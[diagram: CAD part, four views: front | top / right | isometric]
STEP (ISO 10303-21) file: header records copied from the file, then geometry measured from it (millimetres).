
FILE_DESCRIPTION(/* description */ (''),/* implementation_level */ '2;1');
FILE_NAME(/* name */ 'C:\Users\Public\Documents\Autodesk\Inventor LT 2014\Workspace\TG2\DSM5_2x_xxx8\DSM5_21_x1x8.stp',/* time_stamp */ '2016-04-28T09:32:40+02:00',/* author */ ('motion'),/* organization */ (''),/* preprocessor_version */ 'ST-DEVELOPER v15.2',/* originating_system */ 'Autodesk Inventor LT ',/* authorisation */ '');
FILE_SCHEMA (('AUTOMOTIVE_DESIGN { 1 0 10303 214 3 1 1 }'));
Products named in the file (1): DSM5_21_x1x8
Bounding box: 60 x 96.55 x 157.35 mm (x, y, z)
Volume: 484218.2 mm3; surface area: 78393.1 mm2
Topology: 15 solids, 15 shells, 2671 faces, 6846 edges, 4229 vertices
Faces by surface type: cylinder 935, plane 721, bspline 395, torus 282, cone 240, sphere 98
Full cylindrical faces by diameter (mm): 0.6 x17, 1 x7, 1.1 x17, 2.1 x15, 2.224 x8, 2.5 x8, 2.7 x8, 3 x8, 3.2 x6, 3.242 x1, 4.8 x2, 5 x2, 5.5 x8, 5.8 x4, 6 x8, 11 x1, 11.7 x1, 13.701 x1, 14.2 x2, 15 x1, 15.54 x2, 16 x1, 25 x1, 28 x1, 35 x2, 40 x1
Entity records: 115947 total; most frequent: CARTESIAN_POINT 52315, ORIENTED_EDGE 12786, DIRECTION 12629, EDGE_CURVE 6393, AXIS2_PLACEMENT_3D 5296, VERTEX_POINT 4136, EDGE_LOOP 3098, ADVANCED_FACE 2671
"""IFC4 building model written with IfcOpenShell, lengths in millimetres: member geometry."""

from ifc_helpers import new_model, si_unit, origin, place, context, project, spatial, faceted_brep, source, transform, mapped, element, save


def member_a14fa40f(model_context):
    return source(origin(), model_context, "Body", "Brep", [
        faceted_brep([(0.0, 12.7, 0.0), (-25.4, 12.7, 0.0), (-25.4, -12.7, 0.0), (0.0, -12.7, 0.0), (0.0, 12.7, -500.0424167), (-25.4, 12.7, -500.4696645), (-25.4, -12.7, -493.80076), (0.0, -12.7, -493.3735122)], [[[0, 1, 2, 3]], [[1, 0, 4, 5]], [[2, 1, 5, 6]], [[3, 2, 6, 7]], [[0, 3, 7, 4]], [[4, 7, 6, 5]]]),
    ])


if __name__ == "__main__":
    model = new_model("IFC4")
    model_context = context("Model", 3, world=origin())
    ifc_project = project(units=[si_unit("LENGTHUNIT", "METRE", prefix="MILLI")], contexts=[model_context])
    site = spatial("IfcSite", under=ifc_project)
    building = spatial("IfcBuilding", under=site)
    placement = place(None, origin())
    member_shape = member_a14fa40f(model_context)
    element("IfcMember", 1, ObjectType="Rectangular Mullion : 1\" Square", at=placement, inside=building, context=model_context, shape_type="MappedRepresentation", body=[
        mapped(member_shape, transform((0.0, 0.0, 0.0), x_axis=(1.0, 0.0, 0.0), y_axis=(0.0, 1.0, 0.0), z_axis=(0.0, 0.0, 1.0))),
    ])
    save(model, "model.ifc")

PROBLEM DETAILS:
Using the data above, print every record exactly as shown.

WRITTEN SOLUTION:
[diagram: CAD part, four views: front | top / right | isometric]
STEP (ISO 10303-21) file: header records copied from the file, then geometry measured from it (millimetres).
FILE_DESCRIPTION(/* description */ (''),/* implementation_level */ '2;1');
FILE_NAME(/* name */ 'C:\Users\Public\Documents\Autodesk\Inventor LT 2014\Workspace\TG2\DSM5_2x_xxx8\DSM5_21_x1x8.stp',/* time_stamp */ '2016-04-28T09:32:40+02:00',/* author */ ('motion'),/* organization */ (''),/* preprocessor_version */ 'ST-DEVELOPER v15.2',/* originating_system */ 'Autodesk Inventor LT ',/* authorisation */ '');
FILE_SCHEMA (('AUTOMOTIVE_DESIGN { 1 0 10303 214 3 1 1 }'));
Products named in the file (1): DSM5_21_x1x8
Bounding box: 60 x 96.55 x 157.35 mm (x, y, z)
Volume: 484218.2 mm3; surface area: 78393.1 mm2
Topology: 15 solids, 15 shells, 2671 faces, 6846 edges, 4229 vertices
Faces by surface type: cylinder 935, plane 721, bspline 395, torus 282, cone 240, sphere 98
Full cylindrical faces by diameter (mm): 0.6 x17, 1 x7, 1.1 x17, 2.1 x15, 2.224 x8, 2.5 x8, 2.7 x8, 3 x8, 3.2 x6, 3.242 x1, 4.8 x2, 5 x2, 5.5 x8, 5.8 x4, 6 x8, 11 x1, 11.7 x1, 13.701 x1, 14.2 x2, 15 x1, 15.54 x2, 16 x1, 25 x1, 28 x1, 35 x2, 40 x1
Entity records: 115947 total; most frequent: CARTESIAN_POINT 52315, ORIENTED_EDGE 12786, DIRECTION 12629, EDGE_CURVE 6393, AXIS2_PLACEMENT_3D 5296, VERTEX_POINT 4136, EDGE_LOOP 3098, ADVANCED_FACE 2671
"""IFC4 building model written with IfcOpenShell, lengths in millimetres: member geometry."""

from ifc_helpers import new_model, si_unit, origin, place, context, project, spatial, faceted_brep, source, transform, mapped, element, save


def member_a14fa40f(model_context):
    return source(origin(), model_context, "Body", "Brep", [
        faceted_brep([(0.0, 12.7, 0.0), (-25.4, 12.7, 0.0), (-25.4, -12.7, 0.0), (0.0, -12.7, 0.0), (0.0, 12.7, -500.0424167), (-25.4, 12.7, -500.4696645), (-25.4, -12.7, -493.80076), (0.0, -12.7, -493.3735122)], [[[0, 1, 2, 3]], [[1, 0, 4, 5]], [[2, 1, 5, 6]], [[3, 2, 6, 7]], [[0, 3, 7, 4]], [[4, 7, 6, 5]]]),
    ])


if __name__ == "__main__":
    model = new_model("IFC4")
    model_context = context("Model", 3, world=origin())
    ifc_project = project(units=[si_unit("LENGTHUNIT", "METRE", prefix="MILLI")], contexts=[model_context])
    site = spatial("IfcSite", under=ifc_project)
    building = spatial("IfcBuilding", under=site)
    placement = place(None, origin())
    member_shape = member_a14fa40f(model_context)
    element("IfcMember", 1, ObjectType="Rectangular Mullion : 1\" Square", at=placement, inside=building, context=model_context, shape_type="MappedRepresentation", body=[
        mapped(member_shape, transform((0.0, 0.0, 0.0), x_axis=(1.0, 0.0, 0.0), y_axis=(0.0, 1.0, 0.0), z_axis=(0.0, 0.0, 1.0))),
    ])
    save(model, "model.ifc")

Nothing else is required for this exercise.